Love this! This is a fancy version of what I made in a one bedroom apartment to make it into a two bedroom apartment.
(Photo of really cute modular room within a room, meant for a kid to enjoy. The kid in me absolutely loves it and could totally live there. Post that I shared from a group called “homemade haven: recipes, decor, diy and garden ideas”).
Mine was made out of bookcases and folding screens & other stuff scrounged from curbside, cobbled together w some re-claimed screws and other scavenged hardware, pieces of lumber — all scrounged from the urban abundant beneficence of the curbside goddess.
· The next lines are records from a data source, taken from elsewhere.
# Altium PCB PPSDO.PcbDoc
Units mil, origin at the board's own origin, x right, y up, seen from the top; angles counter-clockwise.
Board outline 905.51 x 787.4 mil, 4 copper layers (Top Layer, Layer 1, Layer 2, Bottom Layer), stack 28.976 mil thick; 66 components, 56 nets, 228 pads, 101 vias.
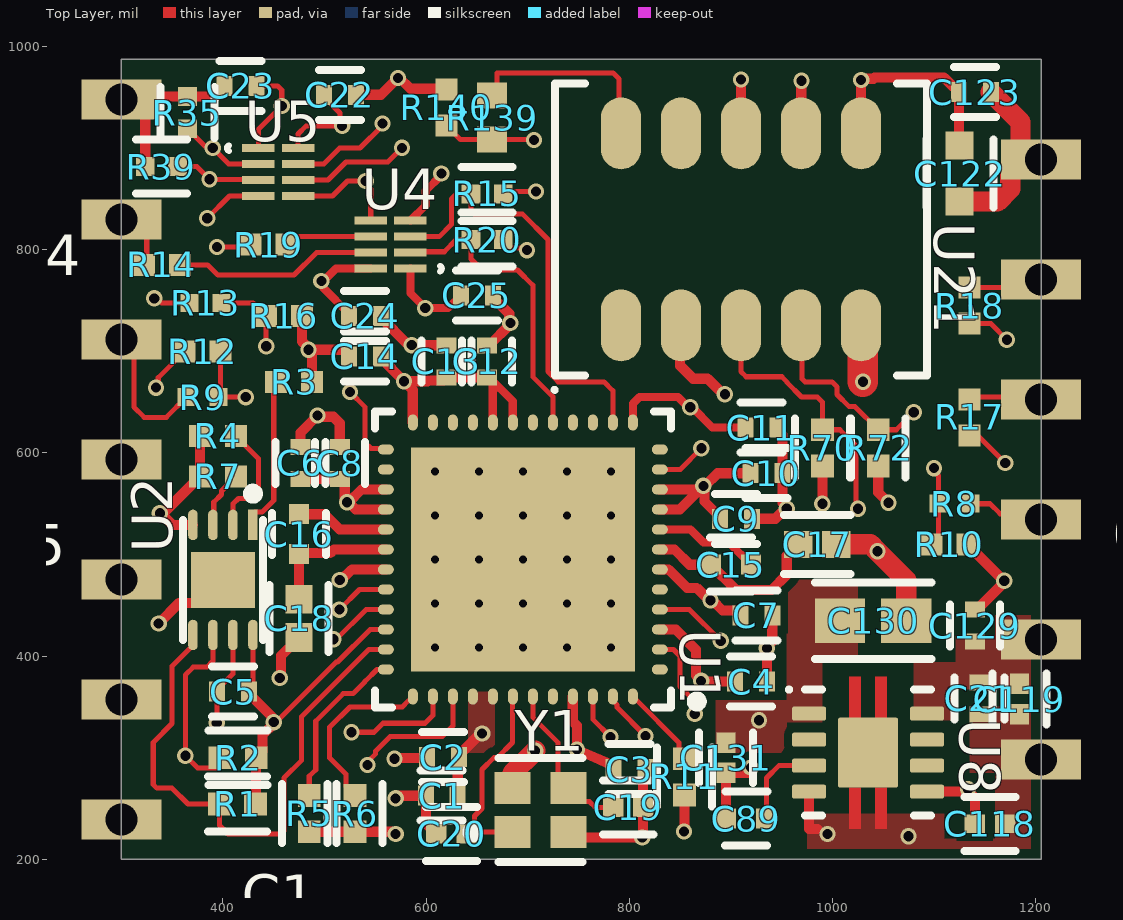
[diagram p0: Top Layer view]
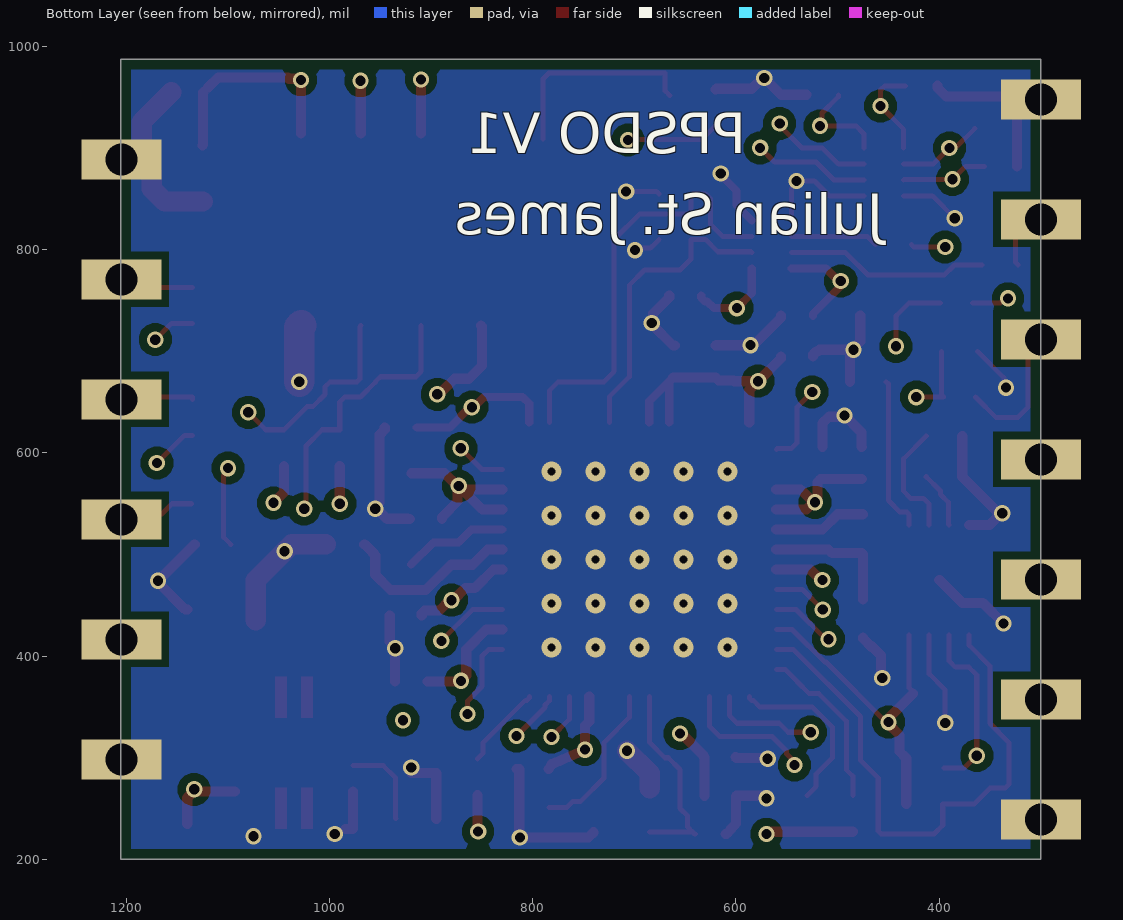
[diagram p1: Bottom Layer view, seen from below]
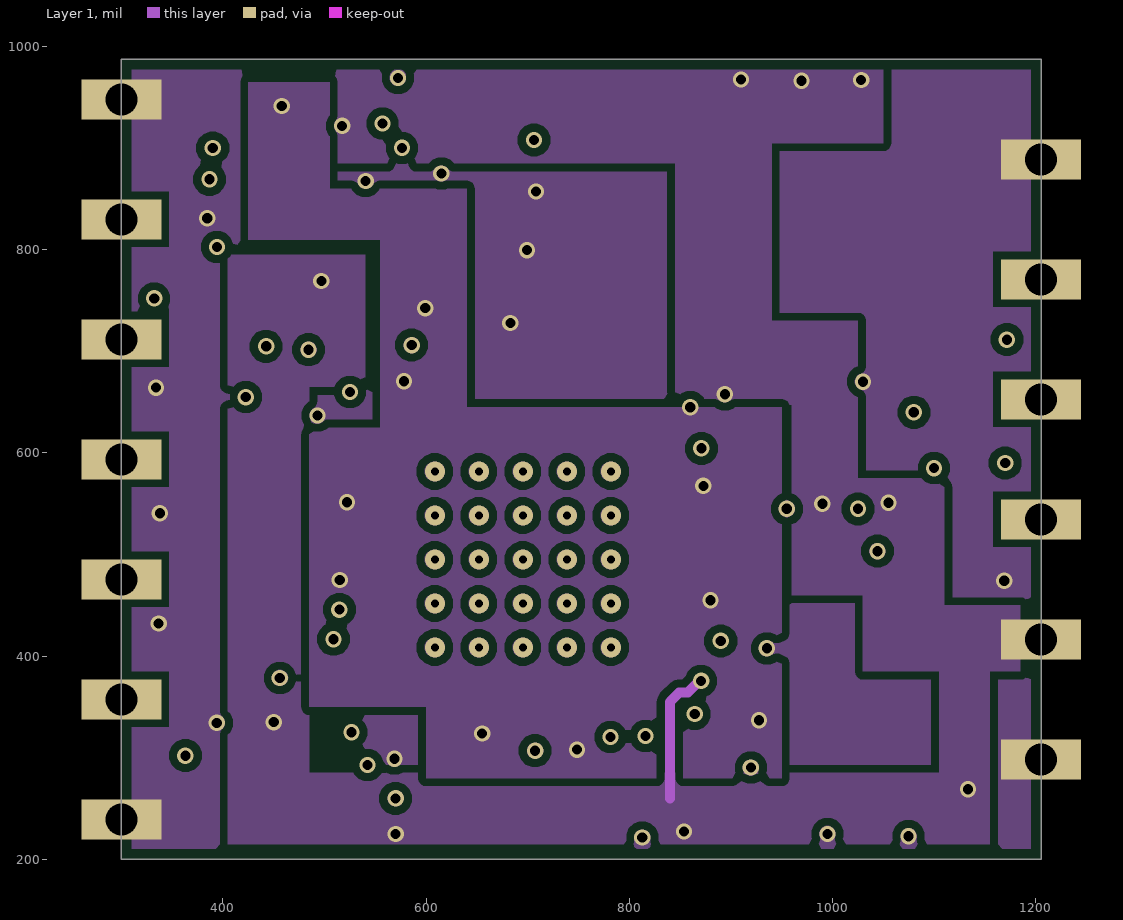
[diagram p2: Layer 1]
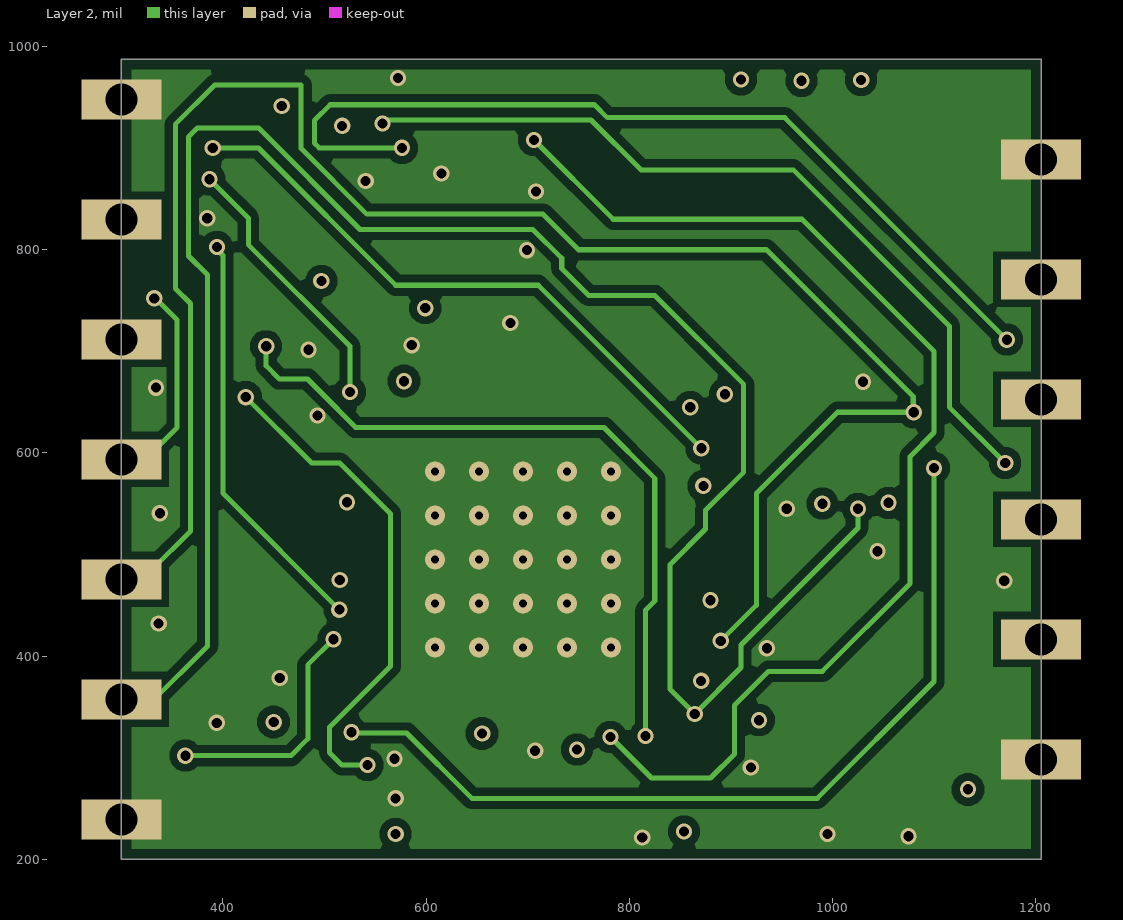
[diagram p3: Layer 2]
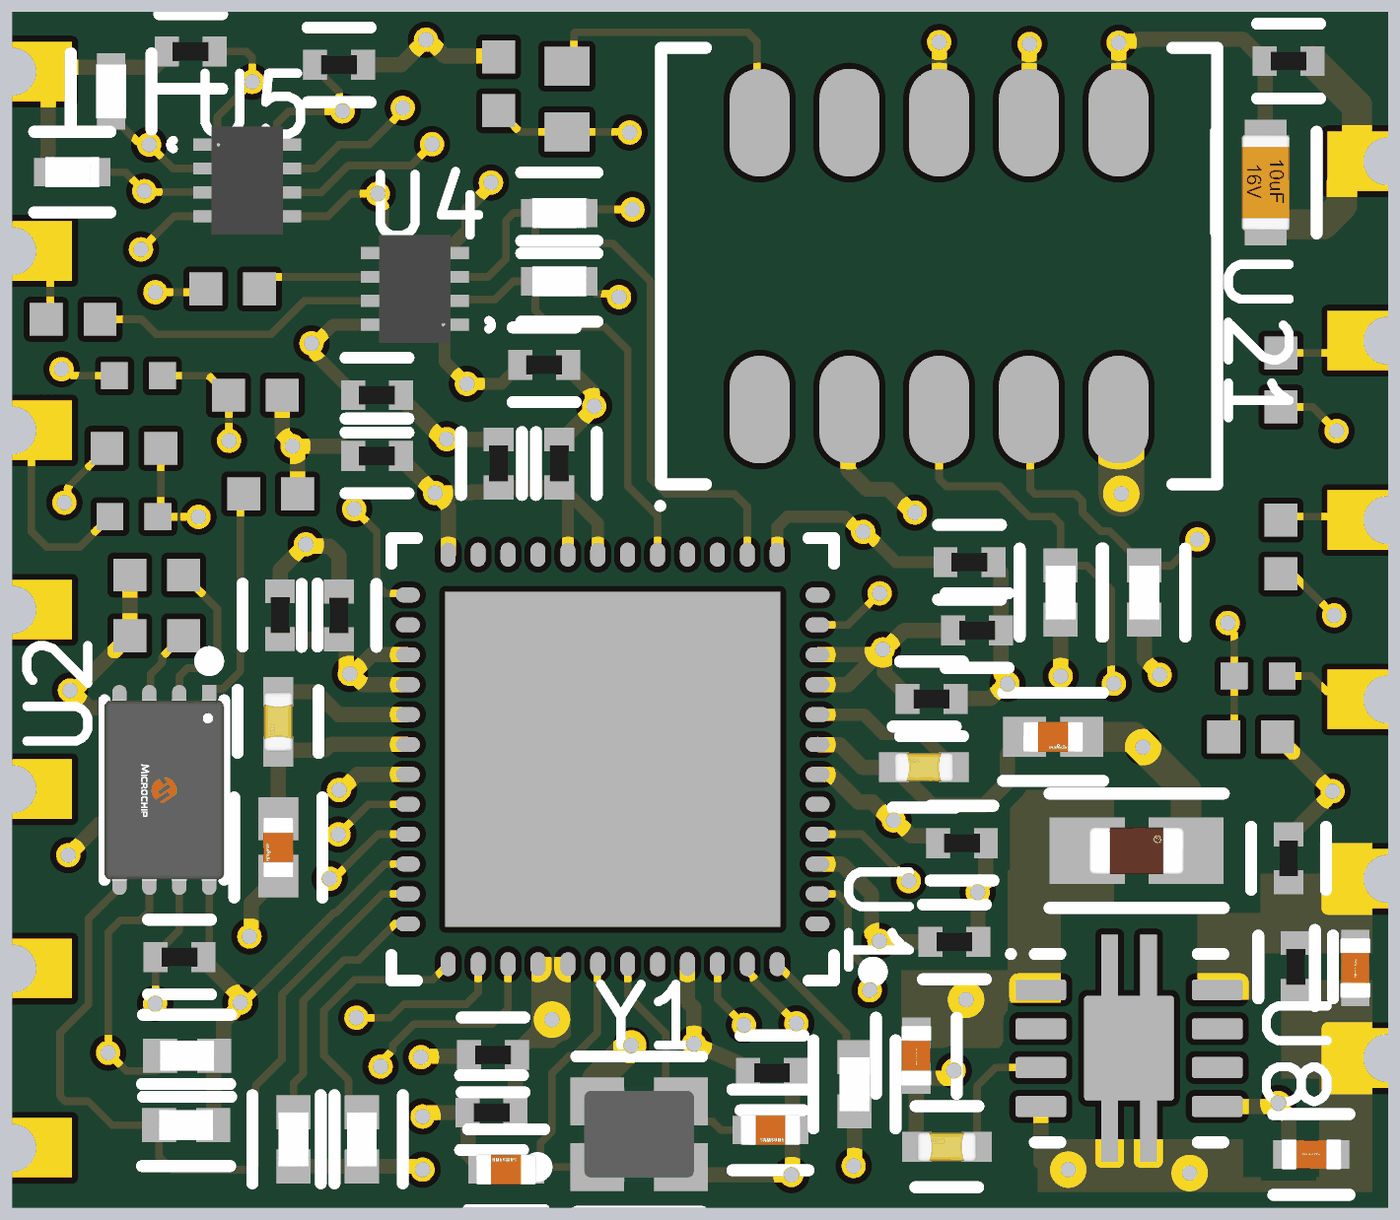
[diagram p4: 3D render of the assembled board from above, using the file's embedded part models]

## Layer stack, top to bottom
Top Solder: solder mask 0.4, Solder Resist, Dk 3.5
Top Layer: signal copper 1.378
Dielectric 2: core 7.9921, Core-009, Dk 4.5
Layer 1: signal copper 1.1811
Dielectric 1: dielectric 7.874, FR-4, Dk 4.8
Layer 2: signal copper 1.1811
Dielectric 3: core 7.9921, Core-009, Dk 4.5
Bottom Layer: signal copper 1.378
Bottom Solder: solder mask 0.4, Solder Resist, Dk 3.5

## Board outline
300,200 300,987.4 1205.51,987.4 1205.51,200

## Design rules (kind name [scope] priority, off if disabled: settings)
BoardOutlineClearance [All] p1: gap=10 ignorepadtopadclearanceinfootprint=FALSE except(0: Arc-SplitContinuation Track-SplitContinuation SMDPad-SplitContinuation THPad-SplitContinuation Via-SplitContinuation Fill-SplitContinuation Poly-SplitContinuation Region-SplitContinuation Text-SplitContinuation)
Clearance [All] p1: gap=8 ignorepadtopadclearanceinfootprint=TRUE
DiffPairsRouting [All] p1: maxlimit=10 minlimit=10 mostfreqgap=10 toplayer_minwidth=15 toplayer_maxwidth=15 toplayer_prefwidth=15 midlayer1_minwidth=15 midlayer1_maxwidth=15 midlayer1_prefwidth=15 midlayer2_minwidth=15 midlayer2_maxwidth=15 midlayer2_prefwidth=15 bottomlayer_minwidth=15 bottomlayer_maxwidth=15 bottomlayer_prefwidth=15 maxuncoupledlength=500
PolygonConnect [All] p1: connectstyle=Direct reliefconductorwidth=10 reliefentries=4 polygonreliefangle="90 Angle" airgapwidth=10
RoutingVias [All] p1: holewidth=10 width=16 viastyle="Through Hole" minholewidth=10 minwidth=16 maxholewidth=28 maxwidth=50
SolderMaskExpansion [All] p1: expansion=4 istentingtop=FALSE
Width [All] p1: maxlimit=50 minlimit=5 preferedwidth=5 minimp=50.000000 maximp=50.000000 favimp=50.000000
29 further rules are at their usual default settings.

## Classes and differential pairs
differential pair class 100ohm: DPLL_9513_1PPS_0 DPLL_9513_1PPS_1 DPLL_OUT_0B DPLL_OUT_1A DPLL_OUT_1B
differential pair DPLL_OUT_1B: +DPLL_OUT_1B_P -DPLL_OUT_1B_N

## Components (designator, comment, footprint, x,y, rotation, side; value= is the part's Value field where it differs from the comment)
C1 "GRM155R71C104KA88D" FP-GRM15-MFG 615.39,262.59 r0 top value=0.10μF
C2 "GRM155R71C104KA88D" FP-GRM15-MFG 616.39,300.57 r0 top value=0.10μF
C3 "GRM155R71C104KA88D" FP-GRM15-MFG 800,288.73 r180 top value=0.10μF
C4 "GRM155R71C104KA88D" FP-GRM15-MFG 920,375 r0 top value=0.10μF
C5 "GRM155R71C104KA88D" FP-GRM15-MFG 410,365 r0 top value=0.10μF
C6 "GRM155R71C104KA88D" FP-GRM15-MFG 476.2,590.19 r270 top value=0.10μF
C7 "GRM155R71C104KA88D" FP-GRM15-MFG 925,440 r0 top value=0.10μF
C8 "GRM155R71C104KA88D" FP-GRM15-MFG 515,590 r270 top value=0.10μF
C9 "GRM155R71C104KA88D" FP-GRM15-MFG 905,535 r0 top value=0.10μF
C10 "GRM155R71C104KA88D" FP-GRM15-MFG 935,580 r0 top value=0.10μF
C11 "GRM155R71C104KA88D" FP-GRM15-MFG 930,625 r0 top value=0.10μF
C12 "GRM155R71C104KA88D" FP-GRM15-MFG 660,690 r270 top value=0.10μF
C13 "GRM155R71C104KA88D" FP-GRM15-MFG 620,690 r270 top value=0.10μF
C14 "GRM155R71C104KA88D" FP-GRM15-MFG 540,695 r0 top value=0.10μF
C15 "CC0402KRX7R9BB392" FP-CC0402-MFG 900,490 r180 top value="3.9 nF"
C16 "CC0402KRX7R9BB392" FP-CC0402-MFG 475,520 r270 top value="3.9 nF"
C17 "GRM155R61A224KE19D" FP-GRM155-0_05-IPC_A 985,510 r0 top
C18 "GRM155R61A224KE19D" FP-GRM155-0_05-IPC_A 475.05,437.17 r270 top
C19 "CL05C6R2CB5NNNC" FP-CL468-IPC_C 798.98,251.15 r0 top
C20 "CL05C6R2CB5NNNC" FP-CL468-IPC_C 625,225 r180 top
C21 "0.1uF_16V_0402" FP-GRM15-MFG 1144.67,358.5 r270 top value=0.10μF
C22 "0.1uF_16V_0402" FP-GRM15-MFG 515,952.48 r0 top value=0.10μF
C23 "0.1uF_16V_0402" FP-GRM15-MFG 417.37,961.32 r180 top value=0.10μF
C24 "0.1uF_16V_0402" FP-GRM15-MFG 540,735 r0 top value=0.10μF
C25 "0.1uF_16V_0402" FP-GRM15-MFG 650,755 r0 top value=0.10μF
C89 "CC0402KRX7R7BB103" FP-CC0402-MFG 915,240 r180 top value="10 nF"
C118 "1uF_16V_0402" FP-0402-L_1_0_0_05-W_0_5-IPC_C 1155,235 r0 top
C119 "1uF_16V_0402" FP-0402-L_1_0_0_05-W_0_5-IPC_C 1183.92,357.78 r270 top
C122 "10uF_16V_0603" FP-C1608-MFG 1125,875 r270 top value=10uF
C123 "GRM155R71C104KA88D" FP-GRM15-MFG 1140,955 r0 top value=0.10μF
C129 "0.1uF_16V_0402" FP-GRM15-MFG 1140,430 r90 top value=0.10μF
C130 "10uF_16V_0603" FP-MK107BA-IPC_A 1040,435 r0 top
C131 "1uF_16V_0402" FP-0402-L_1_0_0_05-W_0_5-IPC_C 895,300 r270 top
R1 "CRCW040210K0JNED" FP-CRCW0402-e3-IPC_B 414.33,254.39 r0 top
R2 "CRCW040210K0JNED" FP-CRCW0402-e3-IPC_B 415,300 r0 top
R3 "49.9_1%_0402" RESC1005X40X25NL05T05 470,670 r180 top
R4 "49.9_1%_0402" RESC1005X40X25NL05T05 395,616.57 r0 top
R5 "CRCW040210K0JNED" FP-CRCW0402-e3-IPC_B 485,245 r270 top
R6 "CRCW040210K0JNED" FP-CRCW0402-e3-IPC_B 530,245 r270 top
R7 "49.9_1%_0402" RESC1005X40X25NL05T05 395,576.57 r0 top
R8 "44.2_1%_0402" RESC1005X40X25LL05T05 1120,550 r0 top
R9 "44.2_1%_0402" RESC1005X40X25LL05T05 380,655 r180 top
R10 "49.9_1%_0402" RESC1005X40X25NL05T05 1115,510 r180 top
R11 "CRCW040210K0JNED" FP-CRCW0402-e3-IPC_B 854.32,281.17 r270 top
R12 "49.9_1%_0402" RESC1005X40X25NL05T05 380,700 r0 top
R13 "44.2_1%_0402" RESC1005X40X25LL05T05 382.94,747.75 r180 top
R14 "49.9_1%_0402" RESC1005X40X25NL05T05 340,785 r0 top
R15 "CRCW0402100RFKED" FP-CRCW0402-e3-IPC_C 660,855 r0 top
R16 "49.9_1%_0402" RESC1005X40X25NL05T05 460,735 r180 top
R17 "49.9_1%_0402" RESC1005X40X25NL05T05 1135,635 r270 top
R18 "49.9_1%_0402" RESC1005X40X25NL05T05 1135,745 r270 top
R19 "49.9_1%_0402" RESC1005X40X25NL05T05 445,805 r0 top
R20 "CRCW0402100RFKED" FP-CRCW0402-e3-IPC_C 660,810 r0 top
R35 "CRCW0402100RFKED" FP-CRCW0402-e3-IPC_C 365,935 r90 top
R39 "CRCW0402100RFKED" FP-CRCW0402-e3-IPC_C 339.41,881.89 r180 top
R70 "CRCW040210K0JNED" FP-CRCW0402-e3-IPC_B 990,605 r270 top
R72 "CRCW040210K0JNED" FP-CRCW0402-e3-IPC_B 1045,605 r270 top
R139 "44.2_1%_0402" RESC0402(1005)_M 665,930 r90 top value="44.20 Ohm"
R140 "49.9_1%_0402" RESC1005X40X25NL05T05 620,940 r270 top
U1 "AD9546" AD9546 695.16,495.16 r180 top
U2 "AT34C02D-MAHM-T" FP-8MA2-IPC_C 400,475 r270 top
U4 "NLSV2T244MUTAG" UDFN8_1P20X1P80_ONS 565,805 r180 top
U5 "NLSV2T244MUTAG" UDFN8_1P20X1P80_ONS 454.5,876.38 r0 top
U8 "TPS73718DRBR" DRB0008A_V 1035,305 r0 top
U21 "SIT5711" SIT5711 910,820 r90 top
Y1 "SXT32410FE16-52.000MT" FP-402-MFG 712.56,248.35 r0 top

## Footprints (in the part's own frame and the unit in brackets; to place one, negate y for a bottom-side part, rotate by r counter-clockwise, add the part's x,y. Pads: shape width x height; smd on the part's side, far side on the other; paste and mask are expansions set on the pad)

The roommate got the “real” bedroom, and I got an adorable corner of the living room which was surprisingly fun and pleasant, but then again I just love tiny cute spaces where I can find most of my stuff without looking too hard lol.
BTW the “real” bedroom had to be walked through in order to access the bathroom, which created stressful situations at times. However, pee jars exist. So do nearby public restrooms in a pinch.
As another benefit of creating the creative extra bedroom, I enjoyed the economic benefits of not having to pay 70% of my income as rent, which I had been doing at times for some years. So I got to continue being an artist and ecosocial educator and activist (which is and was a key part of my deepest calling; and furthermore is, low pay notwithstanding, an essential function of society) and get by on just some occasional housecleaning gigs and other misc gigs instead of having to get a “real” (=soul-sucking) job.
Resistance takes many forms, one of them can be 24-7-365 economic resistance. That’s my favorite. It doesn’t mean we can perfectly boycott anything, but we can get really darn close.
Also, I do support actual boycott, strike days, buy nothing days, etc. It’s just that I think it might be most effective if a lot of us are having “buy almost nothing weeks” and “buy almost nothing months” etc. Adding up to years of buying almost nothing except from local businesses, Black businesses, indigenous businesses, etc. Which I think a lot of us on this space are doing already! And I’m so happy to be on this path of adventure and resistance with you all.
On a different level, I know from various training that “what we resist persists.” So, while it is convenient to use the phrase economic resistance, I actually prefer to think of it as re-empowerment of ourselves. Taking back our economic agency, and choosing to define what we think is cool and worthy of spending our money and energy on. And re-opening the long-shut doors to our true deepest creativity and humanity. As opposed to being puppets of social norms and fake status.